I have to say though, those submerged reel pics. It's probably no biggie, but it made me a little queazy!


----------



## mtoddsolomon (Mar 25, 2015)

Looked like a fun trip, Sam. I was in Nassau on Saturday but I was just drinking so I didn't even think about a fly rod. It was 27 yesterday here in Charleston and I'm wishing I could just go back until April


----------



## marshhen (Apr 11, 2017)

Cheers thanks guys. I am fortunate to be able to get to do this stuff with my dad, and he's a trooper for putting up with DIY fishing at his age. It's not the easiest thing in the world and the places we fish are not your general roadside Bahamas flats, and he never complains.



Bill Payne said:


> I have to say though, those submerged reel pics. It's probably no biggie, but it made me a little queazy!


Haha yeah, someone made a comment to me about that on IG the other day. My reels are nothing more than tools to me and I treat them accordingly. The NVGs are pretty bulletproof reels. Just flush them out with fresh water after use and go on with your day.

I'll never sell them though, so it won't be anybody's problem but mine ha.


----------



## texasag07 (Nov 11, 2014)

Good stuff man I enjoyed following along on instragram.


----------



## nautilott (Oct 29, 2017)

marshhen said:


> ​


This first pic is awesome. Don't know how you got it...very lucky or you caught a fish that just wanted to show off. Nice.
Hope you got to talk to this lady...bet there's some interesting stories with that one.


----------



## marshhen (Apr 11, 2017)

Her name is Doris and she owns a small bakery. We sat and talked for well over an hour. I met her family as well. She is kind of the matriarch. Half the fun of traveling to me is meeting folks and learning about their lives. This photo is of a guy named Doc. Also a solid human. He works as a greeter at a small b&b/hotel type place.
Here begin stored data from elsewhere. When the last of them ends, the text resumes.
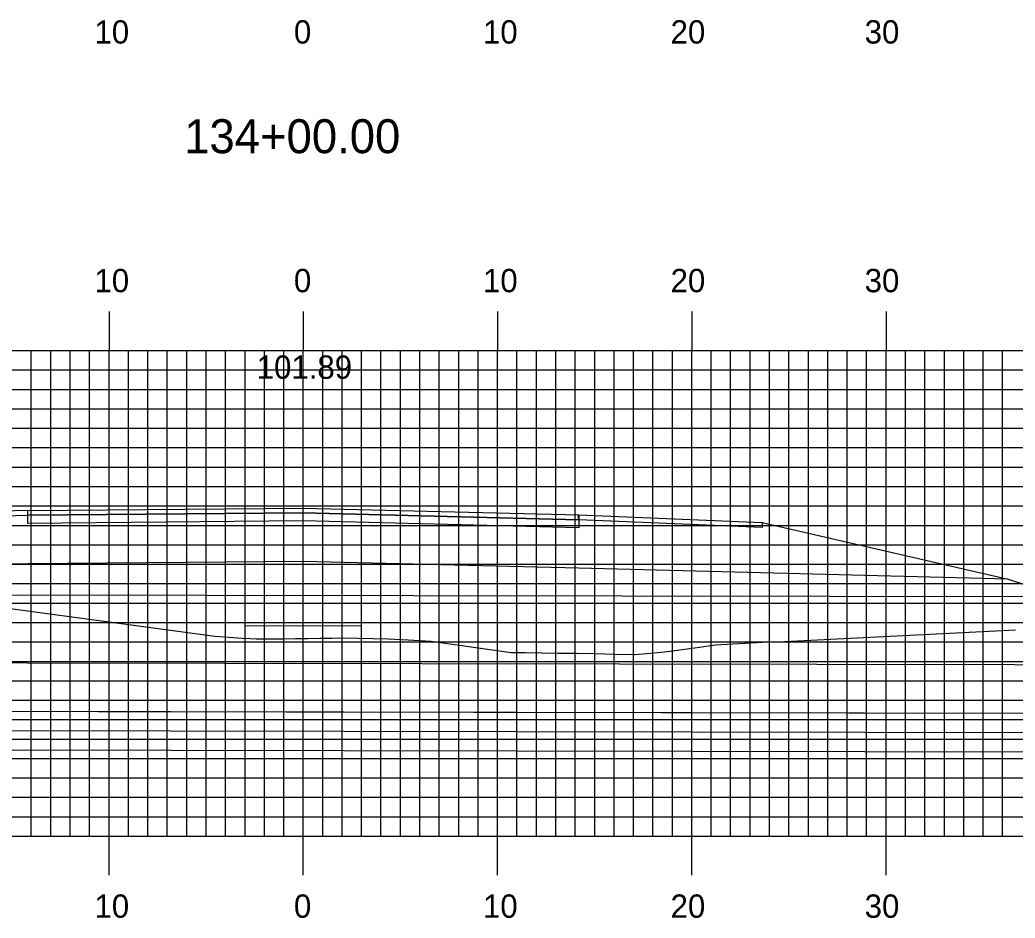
# Model space of a CAD drawing. Extents: x 1774777 to 1775120, y 442591 to 442811.
# Drawn here: x 1774928.1 to 1774979.3, y 442644.4 to 442690.7 of the extents above; entities that cross this region are included whole.
import ezdxf

# ---------------------------------------------------------------- set-up
doc = ezdxf.new("R2010")
doc.units = 0
for name, color, linetype in [('ANNOTATION', 7, 'Continuous'), ('D_Drainage_Culvert', 7, 'Continuous'), ('D_Roadway_Centerline_Text', 7, 'Continuous'), ('D_Roadway_Edge_Shoulder', 7, 'Continuous'), ('D_Roadway_Edge_TW', 7, 'Continuous'), ('D_Roadway_FinishedGrade', 7, 'Continuous'), ('D_Roadway_Pavement', 7, 'Continuous'), ('H_V ANNOTATION', 7, 'Continuous'), ('MAJOR', 7, 'Continuous'), ('MINOR', 7, 'Continuous'), ('S_Roadway_Centerline', 7, 'Continuous')]:
    doc.layers.add(name, color=color, linetype=linetype)

msp = doc.modelspace()

# ---------------------------------------------------------------- linework, layer by layer
at = {"layer": 'ANNOTATION'}
msp.add_lwpolyline([(1774978.969, 442661.903), (1774956.856, 442662.454), (1774942.683, 442662.807), (1774928.511, 442662.681), (1774905.753, 442662.477)], dxfattribs=at)
at = {"layer": 'D_Drainage_Culvert'}
for p, q in [((1774883.795, 442661.172), (1774999.794, 442660.965)), ((1774939.685, 442659.503), (1774945.685, 442659.492)), ((1774883.784, 442655.172), (1774999.784, 442654.965)), ((1774883.784, 442654.179), (1774999.784, 442653.972)), ((1774883.784, 442653.179), (1774999.784, 442652.972))]:
    msp.add_line(p, q, dxfattribs=at)
msp.add_lwpolyline([(1774883.784, 442655.172), (1774999.784, 442654.965), (1774999.784, 442654.971)], dxfattribs=at)
at = {"layer": 'D_Roadway_Edge_Shoulder'}
for points in [[(1774928.508, 442665.431), (1774919.057, 442665.186), (1774919.057, 442664.936), (1774928.508, 442665.181)], [(1774956.86, 442665.205), (1774966.31, 442664.809), (1774966.31, 442664.559), (1774956.86, 442664.955)], [(1774956.862, 442665.204), (1774966.313, 442664.809), (1774966.313, 442664.559), (1774956.862, 442664.954)]]:
    msp.add_lwpolyline(points, close=True, dxfattribs=at)
at = {"layer": 'D_Roadway_Edge_TW'}
msp.add_lwpolyline([(1774928.508, 442665.181), (1774928.508, 442665.431), (1774942.685, 442665.557), (1774956.862, 442665.204), (1774956.862, 442664.954), (1774942.685, 442665.307)], close=True, dxfattribs=at)
at = {"layer": 'D_Roadway_FinishedGrade'}
for p, q in [((1774966.31, 442664.809), (1774978.969, 442661.903)), ((1774978.969, 442661.903), (1774999.784, 442654.965))]:
    msp.add_line(p, q, dxfattribs=at)
msp.add_lwpolyline([(1774887.788, 442657.665), (1775009.789, 442657.447), (1775009.788, 442654.965), (1775009.788, 442652.965)], dxfattribs=at)
at = {"layer": 'D_Roadway_Pavement'}
msp.add_lwpolyline([(1774928.508, 442664.764), (1774928.508, 442665.181), (1774942.685, 442665.307), (1774956.862, 442664.954), (1774956.862, 442664.538), (1774942.685, 442664.891)], close=True, dxfattribs=at)
at = {"layer": 'MAJOR'}
for p, q in [((1774932.685, 442675.669), (1774932.685, 442673.665)), ((1774942.685, 442675.669), (1774942.685, 442673.665)), ((1774952.685, 442675.669), (1774952.685, 442673.665)), ((1774962.685, 442675.669), (1774962.685, 442673.665)), ((1774972.685, 442675.669), (1774972.685, 442673.665)), ((1774802.685, 442673.665), (1775082.685, 442673.665)), ((1774802.685, 442673.665), (1775082.685, 442673.665)), ((1774932.685, 442648.665), (1774932.685, 442673.665)), ((1774942.685, 442648.665), (1774942.685, 442673.665)), ((1774952.685, 442648.665), (1774952.685, 442673.665)), ((1774962.685, 442648.665), (1774962.685, 442673.665)), ((1774972.685, 442648.665), (1774972.685, 442673.665)), ((1774802.685, 442668.665), (1775082.685, 442668.665)), ((1774802.685, 442663.665), (1775082.685, 442663.665)), ((1774802.685, 442658.665), (1775082.685, 442658.665)), ((1774802.685, 442653.665), (1775082.685, 442653.665)), ((1774802.685, 442648.665), (1775082.685, 442648.665)), ((1774802.685, 442648.665), (1775082.685, 442648.665)), ((1774932.685, 442646.661), (1774932.685, 442648.665)), ((1774942.685, 442646.661), (1774942.685, 442648.665)), ((1774952.685, 442646.661), (1774952.685, 442648.665)), ((1774962.685, 442646.661), (1774962.685, 442648.665)), ((1774972.685, 442646.661), (1774972.685, 442648.665))]:
    msp.add_line(p, q, dxfattribs=at)
at = {"layer": 'MINOR'}
for p, q in [((1774928.685, 442648.665), (1774928.685, 442673.665)), ((1774929.685, 442648.665), (1774929.685, 442673.665)), ((1774930.685, 442648.665), (1774930.685, 442673.665)), ((1774931.685, 442648.665), (1774931.685, 442673.665)), ((1774933.685, 442648.665), (1774933.685, 442673.665)), ((1774934.685, 442648.665), (1774934.685, 442673.665)), ((1774935.685, 442648.665), (1774935.685, 442673.665)), ((1774936.685, 442648.665), (1774936.685, 442673.665)), ((1774937.685, 442648.665), (1774937.685, 442673.665)), ((1774938.685, 442648.665), (1774938.685, 442673.665)), ((1774939.685, 442648.665), (1774939.685, 442673.665)), ((1774940.685, 442648.665), (1774940.685, 442673.665)), ((1774941.685, 442648.665), (1774941.685, 442673.665)), ((1774943.685, 442648.665), (1774943.685, 442673.665)), ((1774944.685, 442648.665), (1774944.685, 442673.665)), ((1774945.685, 442648.665), (1774945.685, 442673.665)), ((1774946.685, 442648.665), (1774946.685, 442673.665)), ((1774947.685, 442648.665), (1774947.685, 442673.665)), ((1774948.685, 442648.665), (1774948.685, 442673.665)), ((1774949.685, 442648.665), (1774949.685, 442673.665)), ((1774950.685, 442648.665), (1774950.685, 442673.665)), ((1774951.685, 442648.665), (1774951.685, 442673.665)), ((1774953.685, 442648.665), (1774953.685, 442673.665)), ((1774954.685, 442648.665), (1774954.685, 442673.665)), ((1774955.685, 442648.665), (1774955.685, 442673.665)), ((1774956.685, 442648.665), (1774956.685, 442673.665)), ((1774957.685, 442648.665), (1774957.685, 442673.665)), ((1774958.685, 442648.665), (1774958.685, 442673.665)), ((1774959.685, 442648.665), (1774959.685, 442673.665)), ((1774960.685, 442648.665), (1774960.685, 442673.665)), ((1774961.685, 442648.665), (1774961.685, 442673.665)), ((1774963.685, 442648.665), (1774963.685, 442673.665)), ((1774964.685, 442648.665), (1774964.685, 442673.665)), ((1774965.685, 442648.665), (1774965.685, 442673.665)), ((1774966.685, 442648.665), (1774966.685, 442673.665)), ((1774967.685, 442648.665), (1774967.685, 442673.665)), ((1774968.685, 442648.665), (1774968.685, 442673.665)), ((1774969.685, 442648.665), (1774969.685, 442673.665)), ((1774970.685, 442648.665), (1774970.685, 442673.665)), ((1774971.685, 442648.665), (1774971.685, 442673.665)), ((1774973.685, 442648.665), (1774973.685, 442673.665)), ((1774974.685, 442648.665), (1774974.685, 442673.665)), ((1774975.685, 442648.665), (1774975.685, 442673.665)), ((1774976.685, 442648.665), (1774976.685, 442673.665)), ((1774977.685, 442648.665), (1774977.685, 442673.665)), ((1774978.685, 442648.665), (1774978.685, 442673.665)), ((1774802.685, 442672.665), (1775082.685, 442672.665)), ((1774802.685, 442671.665), (1775082.685, 442671.665)), ((1774802.685, 442670.665), (1775082.685, 442670.665)), ((1774802.685, 442669.665), (1775082.685, 442669.665)), ((1774802.685, 442667.665), (1775082.685, 442667.665)), ((1774802.685, 442666.665), (1775082.685, 442666.665)), ((1774802.685, 442665.665), (1775082.685, 442665.665)), ((1774802.685, 442664.665), (1775082.685, 442664.665)), ((1774802.685, 442662.665), (1775082.685, 442662.665)), ((1774802.685, 442661.665), (1775082.685, 442661.665)), ((1774802.685, 442660.665), (1775082.685, 442660.665)), ((1774802.685, 442659.665), (1775082.685, 442659.665)), ((1774802.685, 442657.665), (1775082.685, 442657.665)), ((1774802.685, 442656.665), (1775082.685, 442656.665)), ((1774802.685, 442655.665), (1775082.685, 442655.665)), ((1774802.685, 442654.665), (1775082.685, 442654.665)), ((1774802.685, 442652.665), (1775082.685, 442652.665)), ((1774802.685, 442651.665), (1775082.685, 442651.665)), ((1774802.685, 442650.665), (1775082.685, 442650.665)), ((1774802.685, 442649.665), (1775082.685, 442649.665))]:
    msp.add_line(p, q, dxfattribs=at)
at = {"layer": 'S_Roadway_Centerline'}
msp.add_lwpolyline([(1774927.104, 442660.452), (1774938.139, 442658.954), (1774938.628, 442658.919), (1774939.097, 442658.887), (1774939.535, 442658.86), (1774939.926, 442658.839), (1774940.256, 442658.826), (1774940.666, 442658.82), (1774941.153, 442658.819), (1774941.7, 442658.824), (1774942.29, 442658.833), (1774942.906, 442658.843), (1774943.531, 442658.854), (1774944.148, 442658.863), (1774944.741, 442658.869), (1774947.058, 442658.82), (1774948.08, 442658.77), (1774949.261, 442658.71), (1774953.388, 442658.124), (1774954.128, 442658.116), (1774954.945, 442658.106), (1774955.829, 442658.094), (1774956.765, 442658.079), (1774957.734, 442658.062), (1774958.708, 442658.042), (1774959.649, 442658.02), (1774959.755, 442658.017), (1774960.566, 442658.081), (1774961.274, 442658.153), (1774961.951, 442658.235), (1774962.558, 442658.318), (1774963.081, 442658.396), (1774963.523, 442658.464), (1774963.894, 442658.522), (1774966.935, 442658.679), (1774967.113, 442658.677), (1774979.352, 442659.292)], dxfattribs=at)

# ---------------------------------------------------------------- texts
at = {"layer": 'D_Roadway_Centerline_Text'}
msp.add_text('101.89', height=1.2, dxfattribs=at).set_placement((1774940.288, 442672.209))
at = {"layer": 'H_V ANNOTATION'}
for s, height, p in [('10', 1.2, (1774931.936, 442689.465)), ('0', 1.2, (1774942.203, 442689.465)), ('10', 1.2, (1774951.936, 442689.465)), ('20', 1.2, (1774961.593, 442689.465)), ('30', 1.2, (1774971.583, 442689.465)), ('134+00.00', 1.75, (1774936.552, 442683.821)), ('10', 1.2, (1774931.936, 442676.665)), ('0', 1.2, (1774942.203, 442676.665)), ('10', 1.2, (1774951.936, 442676.665)), ('20', 1.2, (1774961.593, 442676.665)), ('30', 1.2, (1774971.583, 442676.665)), ('10', 1.2, (1774931.936, 442644.465)), ('0', 1.2, (1774942.203, 442644.465)), ('10', 1.2, (1774951.936, 442644.465)), ('20', 1.2, (1774961.593, 442644.465)), ('30', 1.2, (1774971.583, 442644.465))]:
    msp.add_text(s, height=height, dxfattribs=at).set_placement(p)

doc.saveas('drawing.dxf')

The story behind that bonefish photo is abnormal too ha. Those mangroves are on the edge of a relatively deep channel, and there is some other water on the back side of where the photo was taken from, separate from the channel. A nice sized lemon was after that fish, so I horsed him in and pulled him up into the mangroves to take the fly out so he didn't get halved by the lemon. You can't see in the photo, but he's still hooked there. Took a couple quick photos, got my fly back, and picked up him and carried him over to the other water to get away from the lemon. A regular bonefish savior.


----------



## nautilott (Oct 29, 2017)

^^^Very cool...thanks for the 'Paul Harvey'(the rest of the story). Very few people take the time for the story behind the person. Good for you.


----------



## g8rfly (Oct 9, 2011)

nice fish and photos - sounds like an awesome trip. Gotta get down there sometime.


----------



## Net 30 (Mar 24, 2012)

Great shots.......your Dad's fish is a _pig_.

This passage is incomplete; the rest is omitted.